> **DIRECTIONS**:
Your answer should consist of the lines below that hold the word "IfcDirection".

Top of DATA RECORDS

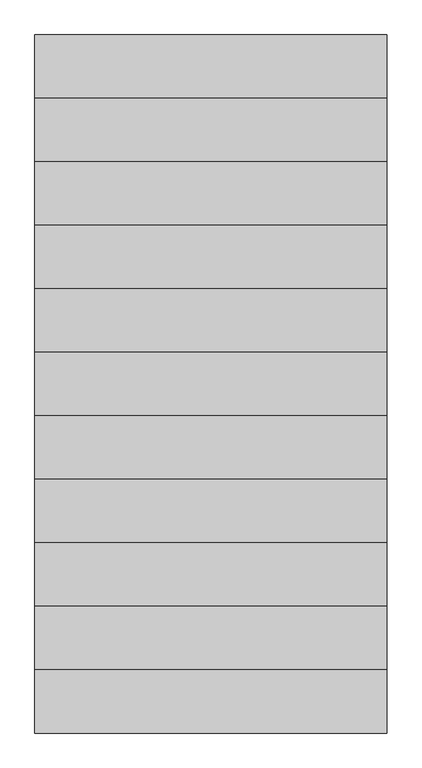
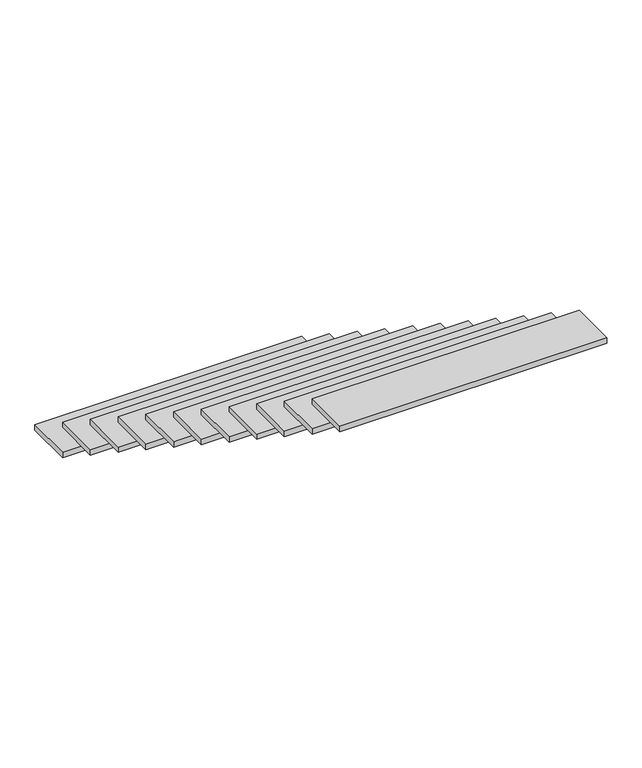
"""IFC4 building model written with IfcOpenShell, lengths in millimetres: stair flight geometry."""

import ifcopenshell
import ifcopenshell.guid

model = None  # the IFC model being written
_history = None  # IfcOwnerHistory: only IFC2X3 demands one
_inside = {}  # id of a spatial element -> (the spatial element, [elements in it])
_under = {}  # id of a project, library or spatial element -> (it, [spatial elements below it])
_declared = {}  # id of a project -> (the project, [libraries it declares])
_typed = {}  # id of a type object -> (the type object, [elements of that type])
_made_of = {}  # id of a material, layer set ... -> (it, [elements and type objects made of it])


def new_model(schema):
    """Start an empty IFC model of exactly this schema.

    Asked for "IFC4X3", IfcOpenShell would pick the latest addendum, in which some entities
    have other attributes; the version numbers below select the first issue.
    IFC2X3 requires an IfcOwnerHistory on every rooted entity: one is made here for all.
    """
    global model, _history
    if schema == "IFC4X3":
        model = ifcopenshell.file(schema_version=(4, 3, 0, 0))
    else:
        model = ifcopenshell.file(schema=schema)
    _inside.clear()
    _under.clear()
    _declared.clear()
    _typed.clear()
    _made_of.clear()
    _history = None
    if model.schema == "IFC2X3":
        org = make("IfcOrganization", Name="unknown")
        user = make(
            "IfcPersonAndOrganization",
            ThePerson=make("IfcPerson", FamilyName="unknown"),
            TheOrganization=org,
        )
        app = make(
            "IfcApplication",
            ApplicationDeveloper=org,
            Version="unknown",
            ApplicationFullName="unknown",
            ApplicationIdentifier="unknown",
        )
        _history = make(
            "IfcOwnerHistory",
            OwningUser=user,
            OwningApplication=app,
            ChangeAction="ADDED",
            CreationDate=0,
        )
    return model


def make(cls, **values):
    """One entity of the class cls with the attributes given. An attribute that is None is left unset."""
    return model.create_entity(
        cls, **{name: value for name, value in values.items() if value is not None}
    )


def rooted(cls, **values):
    """An entity with a GlobalId (a new one), such as an element, a storey or a relation."""
    return make(cls, GlobalId=ifcopenshell.guid.new(), OwnerHistory=_history, **values)


def si_unit(unit_type, name, prefix=None):
    """IfcSIUnit, for example si_unit("LENGTHUNIT", "METRE", prefix="MILLI")."""
    return make("IfcSIUnit", UnitType=unit_type, Prefix=prefix, Name=name)


def assignment(units):
    """IfcUnitAssignment: the units of a project."""
    return None if units is None else make("IfcUnitAssignment", Units=units)


def point(xyz):
    """IfcCartesianPoint."""
    return None if xyz is None else make("IfcCartesianPoint", Coordinates=xyz)


def direction(xyz):
    """IfcDirection."""
    return None if xyz is None else make("IfcDirection", DirectionRatios=xyz)


def frame(location, z_axis=None, x_axis=None):
    """IfcAxis2Placement3D, a coordinate frame: its origin and axes. An axis left out is left unset."""
    return make(
        "IfcAxis2Placement3D",
        Location=point(location),
        Axis=direction(z_axis),
        RefDirection=direction(x_axis),
    )


def origin():
    """The frame at (0, 0, 0) with its axes left unset."""
    return frame((0.0, 0.0, 0.0))


def place(relative_to, where):
    """IfcLocalPlacement: puts the frame where relative to a parent placement (None: the world)."""
    return make(
        "IfcLocalPlacement", PlacementRelTo=relative_to, RelativePlacement=where
    )


def context(
    kind, dimensions, precision=None, world=None, true_north=None, identifier=None
):
    """IfcGeometricRepresentationContext, for example the 3D "Model" context."""
    return make(
        "IfcGeometricRepresentationContext",
        ContextIdentifier=identifier,
        ContextType=kind,
        CoordinateSpaceDimension=dimensions,
        Precision=precision,
        WorldCoordinateSystem=world,
        TrueNorth=true_north,
    )


def project(units=None, contexts=None):
    """IfcProject with its units and contexts."""
    return rooted(
        "IfcProject",
        Name="project",
        RepresentationContexts=contexts,
        UnitsInContext=assignment(units),
    )


def spatial(cls, under=None, at=None, **own):
    """A site, building, storey or space (cls), placed at a placement, below another one or the project."""
    s = rooted(cls, ObjectPlacement=at, **own)
    if under is not None:
        _under.setdefault(under.id(), (under, []))[1].append(s)
    return s


def polyline(points):
    """IfcPolyline through the points."""
    return make("IfcPolyline", Points=[point(p) for p in points])


def outline(outer, holes=None, kind="AREA"):
    """IfcArbitraryClosedProfileDef: a profile drawn as a closed curve; with holes, ...WithVoids."""
    if holes is None:
        return make("IfcArbitraryClosedProfileDef", ProfileType=kind, OuterCurve=outer)
    return make(
        "IfcArbitraryProfileDefWithVoids",
        ProfileType=kind,
        OuterCurve=outer,
        InnerCurves=holes,
    )


def extrude(swept, where, along, depth):
    """IfcExtrudedAreaSolid: the profile swept, set in the frame where, extruded along a direction by depth."""
    return make(
        "IfcExtrudedAreaSolid",
        SweptArea=swept,
        Position=where,
        ExtrudedDirection=direction(along),
        Depth=depth,
    )


def shape(context_of_items, identifier, shape_type, items):
    """IfcShapeRepresentation: the items that make up one representation, for example the "Body"."""
    return make(
        "IfcShapeRepresentation",
        ContextOfItems=context_of_items,
        RepresentationIdentifier=identifier,
        RepresentationType=shape_type,
        Items=items,
    )


def source(mapping_origin, context_of_items, identifier, shape_type, items):
    """IfcRepresentationMap: a shape defined once, which mapped items show again and again."""
    return make(
        "IfcRepresentationMap",
        MappingOrigin=mapping_origin,
        MappedRepresentation=shape(context_of_items, identifier, shape_type, items),
    )


def transform(
    local_origin,
    x_axis=None,
    y_axis=None,
    z_axis=None,
    scale=None,
    scale2=None,
    scale3=None,
    uniform=True,
):
    """IfcCartesianTransformationOperator3D, or its non-uniform kind. x_axis, y_axis, z_axis: its Axis1, 2, 3."""
    if uniform:
        return make(
            "IfcCartesianTransformationOperator3D",
            Axis1=direction(x_axis),
            Axis2=direction(y_axis),
            LocalOrigin=point(local_origin),
            Scale=scale,
            Axis3=direction(z_axis),
        )
    return make(
        "IfcCartesianTransformationOperator3DnonUniform",
        Axis1=direction(x_axis),
        Axis2=direction(y_axis),
        LocalOrigin=point(local_origin),
        Scale=scale,
        Axis3=direction(z_axis),
        Scale2=scale2,
        Scale3=scale3,
    )


def mapped(mapping_source, mapping_target):
    """IfcMappedItem: shows the shape of a source again, moved by a transform."""
    return make(
        "IfcMappedItem", MappingSource=mapping_source, MappingTarget=mapping_target
    )


def made_of(thing, what):
    """Note that an element or type object is made of a material, layer set ...; save() writes the relation."""
    if what is not None:
        _made_of.setdefault(what.id(), (what, []))[1].append(thing)
    return thing


def element(
    cls,
    number,
    at=None,
    inside=None,
    cuts=None,
    type_object=None,
    material=None,
    context=None,
    identifier="Body",
    shape_type=None,
    held_by="IfcProductDefinitionShape",
    body=None,
    shapes=None,
    **own,
):
    """One element of the class cls, such as IfcWall. Its Tag is "e" and its number.

    at: its placement. inside: the storey or other place that contains it. cuts: it is an
    opening in that element (IfcRelVoidsElement). A single representation is given by context,
    identifier, shape_type and body (its items); several are given by shapes. held_by: the class
    of the entity that holds the representations. save() writes the other relations.
    """
    e = rooted(cls, Tag="e%d" % number, ObjectPlacement=at, **own)
    if body is not None:
        shapes = [shape(context, identifier, shape_type, body)]
    if shapes is not None:
        e.Representation = make(held_by, Representations=shapes)
    if inside is not None:
        _inside.setdefault(inside.id(), (inside, []))[1].append(e)
    if cuts is not None:
        rooted(
            "IfcRelVoidsElement", RelatingBuildingElement=cuts, RelatedOpeningElement=e
        )
    if type_object is not None:
        _typed.setdefault(type_object.id(), (type_object, []))[1].append(e)
    return made_of(e, material)


def aggregate(whole, parts):
    """IfcRelAggregates: a whole, such as a stair, and the parts it consists of."""
    return rooted("IfcRelAggregates", RelatingObject=whole, RelatedObjects=parts)


def save(model, path):
    """Write the relations noted so far, then the file.

    IfcRelAggregates (storeys below a building ...), IfcRelContainedInSpatialStructure (elements
    in a storey), IfcRelDefinesByType, IfcRelAssociatesMaterial and IfcRelDeclares: one each for
    every whole, place, type object, material and project.
    """
    for whole, parts in _under.values():
        aggregate(whole, parts)
    for where, things in _inside.values():
        rooted(
            "IfcRelContainedInSpatialStructure",
            RelatedElements=things,
            RelatingStructure=where,
        )
    for kind, things in _typed.values():
        rooted("IfcRelDefinesByType", RelatedObjects=things, RelatingType=kind)
    for what, things in _made_of.values():
        rooted("IfcRelAssociatesMaterial", RelatedObjects=things, RelatingMaterial=what)
    for by, libraries in _declared.values():
        rooted("IfcRelDeclares", RelatingContext=by, RelatedDefinitions=libraries)
    model.write(path)


def stair_flight_7c2b7268(model_context):
    return source(origin(), model_context, "Body", "SweptSolid", [
        extrude(outline(polyline([(16085.3403387, 4647.6066446), (14585.3403387, 4647.6066446), (14585.3403387, 4917.6066446), (16085.3403387, 4917.6066446), (16085.3403387, 4647.6066446)])), frame((0.0, 0.0, 13939.4285714), z_axis=(0.0, 0.0, 1.0), x_axis=(1.0, 0.0, 0.0)), (0.0, 0.0, 1.0), 32.0),
        extrude(outline(polyline([(16085.3403387, 4377.6066446), (14585.3403387, 4377.6066446), (14585.3403387, 4647.6066446), (16085.3403387, 4647.6066446), (16085.3403387, 4377.6066446)])), frame((0.0, 0.0, 14118.5494505), z_axis=(0.0, 0.0, 1.0), x_axis=(1.0, 0.0, 0.0)), (0.0, 0.0, 1.0), 32.0),
        extrude(outline(polyline([(16085.3403387, 4107.6066446), (14585.3403387, 4107.6066446), (14585.3403387, 4377.6066446), (16085.3403387, 4377.6066446), (16085.3403387, 4107.6066446)])), frame((0.0, 0.0, 14297.6703297), z_axis=(0.0, 0.0, 1.0), x_axis=(1.0, 0.0, 0.0)), (0.0, 0.0, 1.0), 32.0),
        extrude(outline(polyline([(16085.3403387, 3837.6066446), (14585.3403387, 3837.6066446), (14585.3403387, 4107.6066446), (16085.3403387, 4107.6066446), (16085.3403387, 3837.6066446)])), frame((0.0, 0.0, 14476.7912088), z_axis=(0.0, 0.0, 1.0), x_axis=(1.0, 0.0, 0.0)), (0.0, 0.0, 1.0), 32.0),
        extrude(outline(polyline([(16085.3403387, 3567.6066446), (14585.3403387, 3567.6066446), (14585.3403387, 3837.6066446), (16085.3403387, 3837.6066446), (16085.3403387, 3567.6066446)])), frame((0.0, 0.0, 14655.9120879), z_axis=(0.0, 0.0, 1.0), x_axis=(1.0, 0.0, 0.0)), (0.0, 0.0, 1.0), 32.0),
        extrude(outline(polyline([(16085.3403387, 3297.6066446), (14585.3403387, 3297.6066446), (14585.3403387, 3567.6066446), (16085.3403387, 3567.6066446), (16085.3403387, 3297.6066446)])), frame((0.0, 0.0, 14835.032967), z_axis=(0.0, 0.0, 1.0), x_axis=(1.0, 0.0, 0.0)), (0.0, 0.0, 1.0), 32.0),
        extrude(outline(polyline([(16085.3403387, 3027.6066446), (14585.3403387, 3027.6066446), (14585.3403387, 3297.6066446), (16085.3403387, 3297.6066446), (16085.3403387, 3027.6066446)])), frame((0.0, 0.0, 15014.1538462), z_axis=(0.0, 0.0, 1.0), x_axis=(1.0, 0.0, 0.0)), (0.0, 0.0, 1.0), 32.0),
        extrude(outline(polyline([(16085.3403387, 2757.6066446), (14585.3403387, 2757.6066446), (14585.3403387, 3027.6066446), (16085.3403387, 3027.6066446), (16085.3403387, 2757.6066446)])), frame((0.0, 0.0, 15193.2747253), z_axis=(0.0, 0.0, 1.0), x_axis=(1.0, 0.0, 0.0)), (0.0, 0.0, 1.0), 32.0),
        extrude(outline(polyline([(16085.3403387, 2487.6066446), (14585.3403387, 2487.6066446), (14585.3403387, 2757.6066446), (16085.3403387, 2757.6066446), (16085.3403387, 2487.6066446)])), frame((0.0, 0.0, 15372.3956044), z_axis=(0.0, 0.0, 1.0), x_axis=(1.0, 0.0, 0.0)), (0.0, 0.0, 1.0), 32.0),
        extrude(outline(polyline([(16085.3403387, 2217.6066446), (14585.3403387, 2217.6066446), (14585.3403387, 2487.6066446), (16085.3403387, 2487.6066446), (16085.3403387, 2217.6066446)])), frame((0.0, 0.0, 15551.5164835), z_axis=(0.0, 0.0, 1.0), x_axis=(1.0, 0.0, 0.0)), (0.0, 0.0, 1.0), 32.0),
        extrude(outline(polyline([(16085.3403387, 1947.6066446), (14585.3403387, 1947.6066446), (14585.3403387, 2217.6066446), (16085.3403387, 2217.6066446), (16085.3403387, 1947.6066446)])), frame((0.0, 0.0, 15730.6373626), z_axis=(0.0, 0.0, 1.0), x_axis=(1.0, 0.0, 0.0)), (0.0, 0.0, 1.0), 32.0),
    ])


if __name__ == "__main__":
    model = new_model("IFC4")
    model_context = context("Model", 3, world=origin())
    ifc_project = project(units=[si_unit("LENGTHUNIT", "METRE", prefix="MILLI")], contexts=[model_context])
    site = spatial("IfcSite", under=ifc_project)
    building = spatial("IfcBuilding", under=site)
    placement = place(None, origin())
    stair_flight_shape = stair_flight_7c2b7268(model_context)
    element("IfcStairFlight", 1, at=placement, inside=building, context=model_context, shape_type="MappedRepresentation", body=[
        mapped(stair_flight_shape, transform((0.0, 0.0, 0.0), x_axis=(1.0, 0.0, 0.0), y_axis=(0.0, 1.0, 0.0), z_axis=(0.0, 0.0, 1.0))),
    ])
    save(model, "model.ifc")

# Revit data of these elements
# Element 1 (IfcStairFlight)
#   Materials on its faces: "철강"
# Materials
#   "철강": class "Generic", colour RGB 143 142 141, transparency 0, Description = "철골+가공조립+세우기", Cost = 0

Bottom of DATA RECORDS

> **WORKED SOLUTION**:
    """IfcDirection."""
    return None if xyz is None else make("IfcDirection", DirectionRatios=xyz)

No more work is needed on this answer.